Problem description>
Locate the string "points" in the records below. Copy every line where it occurs.

Segment Start: Task inputs

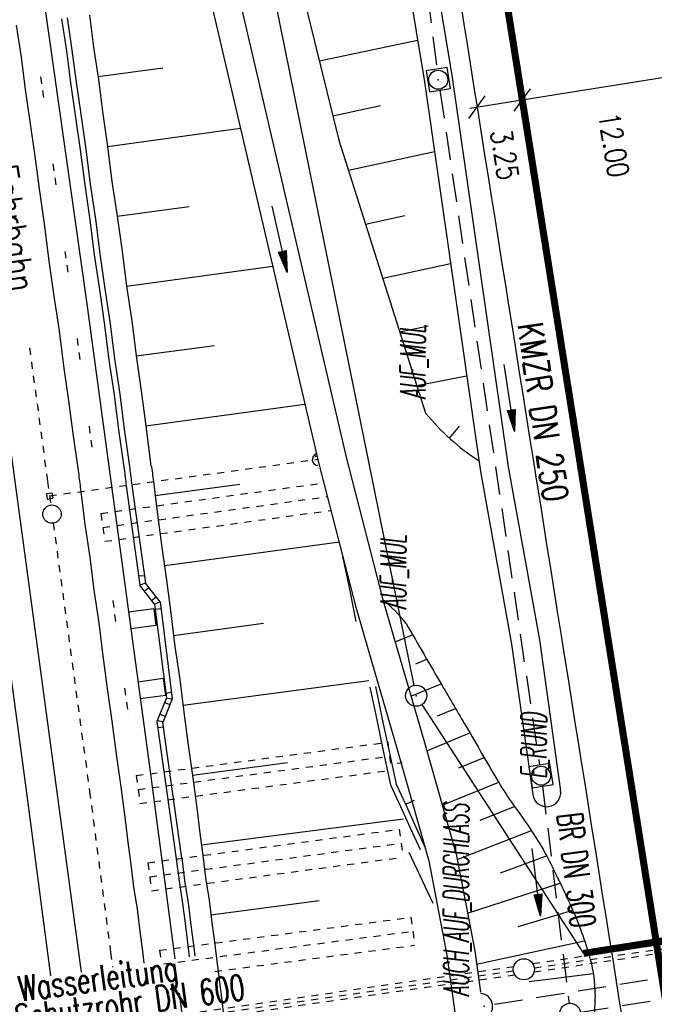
# Model space of a CAD drawing. Extents: x 447693 to 448165, y 439527 to 440695.
# Tile 61 of 88: x 447868 to 447913, y 440163 to 440232. Entities that reach past the tile are written whole.
import ezdxf
from ezdxf.enums import TextEntityAlignment as Align

# ---------------------------------------------------------------- set-up
doc = ezdxf.new("R2010")
doc.units = 0
doc.header["$LTSCALE"] = 2
doc.header["$MEASUREMENT"] = 0
for name, pattern in [('ACAD_ISO03W100', [0.5, 0.25, -0.25]), ('ACAD_ISO05W100', [0.5, 0.25, -0.25]), ('ACAD_ISO10W100W', [0.5, 0.25, -0.25]), ('AUSGEZOGEN', [0]), ('GESTRICH-X2', [1.5, 1, -0.5]), ('PUNKTX2', [0.5, 0.25, -0.25]), ('STRICHLINIEX2', [0.5, 0.25, -0.25])]:
    doc.linetypes.add(name, pattern=pattern)
doc.layers.get('0').update_dxf_attribs({"linetype": 'AUSGEZOGEN'})
for name, color, linetype in [('209-GRENZL-BAB', 7, 'AUSGEZOGEN'), ('209-GRENZP-BAB', 7, 'AUSGEZOGEN'), ('ANMERKUNG', 7, 'CONTINUOUS'), ('BOESCHG', 250, 'AUSGEZOGEN'), ('DB-Bahnachse', 7, 'CONTINUOUS'), ('DB-Gleisachse', 7, 'CONTINUOUS'), ('DB-GRABEN', 15, 'AUSGEZOGEN'), ('DB-HZV-Stützscheiben', 15, 'CONTINUOUS'), ('DB-Ingenieurbauwerke', 15, 'CONTINUOUS'), ('DB-Kabelanlagen', 15, 'CONTINUOUS'), ('DB-Umverlegung_Wasserleitung', 15, 'CONTINUOUS'), ('DURCHL', 200, 'GESTRICH-X2'), ('FBRTOP', 250, 'AUSGEZOGEN'), ('KANAL', 7, 'GESTRICH-X2'), ('MULDE', 250, 'AUSGEZOGEN'), ('PFEIL', 7, 'CONTINUOUS'), ('PFEILTOP', 200, 'AUSGEZOGEN'), ('SCHRIFT', 7, 'AUSGEZOGEN'), ('SCHSYMBOL', 200, 'AUSGEZOGEN'), ('TEXTO', 4, 'CONTINUOUS'), ('Umverlegung_Wasserleitung', 7, 'CONTINUOUS'), ('W-LTG', 4, 'GESTRICH-X2')]:
    doc.layers.add(name, color=color, linetype=linetype)
doc.styles.add('ROMANS', font='romans.shx', dxfattribs={"width": 0.8})

# ---------------------------------------------------------------- blocks, each defined once
blk = doc.blocks.new('20')
blk.add_lwpolyline([(-0.754, -0.751), (0.754, -0.751), (0.754, 0.75), (-0.754, 0.75)], close=True)
blk.add_circle((0, 0), 0.676)
blk.add_point((0, 0))
blk = doc.blocks.new('GST')
at = {"color": 0}
blk.add_circle((0, 0), 0.75, dxfattribs=at)
blk.add_point((0, 0), dxfattribs=at)
blk = doc.blocks.new('10')
blk.add_blockref('GST', (0, 0))
blk = doc.blocks.new('42')
at = {"color": 0}
blk.add_arc((-0.025, -0.311), 0.91, 12.5363, 167.4637, dxfattribs=at)
blk.add_point((0, 0), dxfattribs=at)
blk = doc.blocks.new('PFEIL2')
at = {"color": 0}
for p, q in [((0.88, 0.002), (-2.401, -0.012)), ((0.881, -0.271), (0.879, 0.276)), ((0.879, 0.276), (2.429, 0.009)), ((0.911, 0.27), (0.879, 0.265)), ((0.965, 0.261), (0.879, 0.246)), ((1.019, 0.252), (0.879, 0.228)), ((1.073, 0.242), (0.879, 0.209)), ((1.127, 0.233), (0.879, 0.191)), ((1.181, 0.224), (0.879, 0.172)), ((1.235, 0.214), (0.879, 0.154)), ((1.289, 0.205), (0.879, 0.135)), ((1.343, 0.196), (0.879, 0.117)), ((1.397, 0.187), (0.879, 0.098)), ((1.451, 0.177), (0.879, 0.08)), ((1.505, 0.168), (0.879, 0.061)), ((1.559, 0.159), (0.88, 0.043)), ((1.613, 0.149), (0.88, 0.024)), ((1.668, 0.14), (0.88, 0.006)), ((1.722, 0.131), (0.88, -0.013)), ((1.776, 0.121), (0.88, -0.031)), ((1.83, 0.112), (0.88, -0.05)), ((1.884, 0.103), (0.88, -0.068)), ((1.938, 0.094), (0.88, -0.087)), ((1.992, 0.084), (0.88, -0.105)), ((2.046, 0.075), (0.88, -0.124)), ((2.1, 0.066), (0.88, -0.142)), ((2.154, 0.056), (0.88, -0.161)), ((2.208, 0.047), (0.88, -0.179)), ((2.262, 0.038), (0.881, -0.198)), ((2.316, 0.029), (0.881, -0.216)), ((2.37, 0.019), (0.881, -0.235)), ((2.424, 0.01), (0.881, -0.253)), ((2.429, 0.009), (0.881, -0.271))]:
    blk.add_line(p, q, dxfattribs=at)

msp = doc.modelspace()

# ---------------------------------------------------------------- linework, layer by layer
msp.add_line((447935.074, 440231.704), (447899.985, 440226.121))
at = {"layer": '209-GRENZL-BAB', "flags": 128}
for points in [[(447896.042, 440185.185), (447885.128, 440239.095)], [(447896.599, 440183.821), (447908.06, 440166.17)]]:
    msp.add_lwpolyline(points, dxfattribs=at)
at = {"layer": '209-GRENZL-BAB', "const_width": 0.5, "flags": 128}
msp.add_lwpolyline([(447944.89, 440171.98), (447908.06, 440166.17)], dxfattribs=at)
at = {"layer": 'BOESCHG'}
for p, q in [((447889.319, 440229.492), (447896.275, 440230.968)), ((447890.281, 440225.589), (447893.664, 440226.325)), ((447891.384, 440221.728), (447897.476, 440223.067)), ((447892.6, 440217.903), (447895.373, 440218.509)), ((447893.813, 440214.084), (447898.621, 440215.115)), ((447895.026, 440210.267), (447897.039, 440210.685)), ((447896.24, 440206.447), (447899.767, 440207.149)), ((447898.557, 440202.713), (447899.25, 440203.564)), ((447898.579, 440202.834), (447898.581, 440202.835)), ((447894.692, 440188.273), (447895.928, 440188.782)), ((447896.166, 440186.717), (447896.942, 440187.037)), ((447895.819, 440184.41), (447897.957, 440185.293)), ((447897.694, 440183.02), (447898.974, 440183.55)), ((447896.941, 440180.544), (447899.995, 440181.808)), ((447899.223, 440179.324), (447901.019, 440180.063)), ((447898.038, 440176.684), (447902.046, 440178.313)), ((447900.734, 440175.621), (447903.166, 440176.589)), ((447899.096, 440172.843), (447904.367, 440174.881)), ((447902.175, 440171.889), (447905.442, 440173.101)), ((447899.834, 440169.027), (447906.404, 440171.16)), ((447903.421, 440168.089), (447907.302, 440169.229)), ((447900.478, 440165.407), (447908.136, 440167.066)), ((447904.213, 440164.173), (447908.748, 440164.743))]:
    msp.add_line(p, q, dxfattribs=at)
at = {"layer": 'BOESCHG', "flags": 128}
msp.add_lwpolyline([(447849.214, 440459.976), (447850.287, 440457.612), (447851.898, 440449.478), (447852.227, 440440.394), (447854.306, 440419.82), (447858.141, 440395.399), (447861.73, 440369.363), (447863.918, 440348.9), (447874.121, 440302.456), (447876.374, 440277.407), (447880.798, 440264.069), (447890.709, 440223.853), (447896.86, 440204.496)], dxfattribs=at)
msp.add_lwpolyline([(447895.465, 440189.581, 0.000517), (447898.024, 440185.177, 0.000781), (447899.725, 440182.268, 0.000028), (447901.989, 440178.41, 0.000398), (447902.147, 440178.141, 0.026165), (447903.242, 440176.486, -0.018483), (447904.828, 440174.168, -0.023526), (447905.53, 440172.93, -0.009351), (447907.088, 440169.707, -0.037184), (447908.461, 440166.029, -0.05925), (447908.865, 440163.593, -0.040161), (447908.807, 440161.903, -0.028065), (447908.397, 440159.521, -0.042864), (447907.441, 440156.56, 0.043602), (447906.505, 440153.647, 0.027016), (447906.087, 440151.21, 0.007385), (447905.177, 440142.218, 0.024977), (447904.567, 440125.369, 0.07433), (447905.486, 440119.751, 0.029067), (447905.908, 440118.658, -0.043589), (447906.169, 440117.92, -0.033425), (447906.42, 440116.584, -0.071173), (447906.405, 440115.944, -0.065432), (447906.186, 440115.227, 0.047316), (447905.849, 440114.249, 0.015716), (447905.521, 440112.682, 0.029954), (447905.425, 440111.847, 0.031833), (447905.442, 440109.841, 0.013162), (447905.92, 440105.017, 0.000352), (447906.565, 440099.914, -0.000132), (447908.284, 440086.357, -0.000396), (447908.68, 440083.206, -0.00016), (447909.653, 440075.399)], format="xyb", dxfattribs=at)
at = {"layer": 'BOESCHG'}
for centre, radius, start, end in [((447909.408, 440214.738), 16.197, 219.22162, 237.20116), ((447887.311, 440183.21), 10.348, 38.0015, 50.99645)]:
    msp.add_arc(centre, radius, start, end, dxfattribs=at)
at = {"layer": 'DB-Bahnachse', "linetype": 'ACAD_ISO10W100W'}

Segment End: Task inputs

Result>
for points in [[(447896.042, 440185.185), (447885.128, 440239.095)], [(447896.599, 440183.821), (447908.06, 440166.17)]]:
    msp.add_lwpolyline(points, dxfattribs=at)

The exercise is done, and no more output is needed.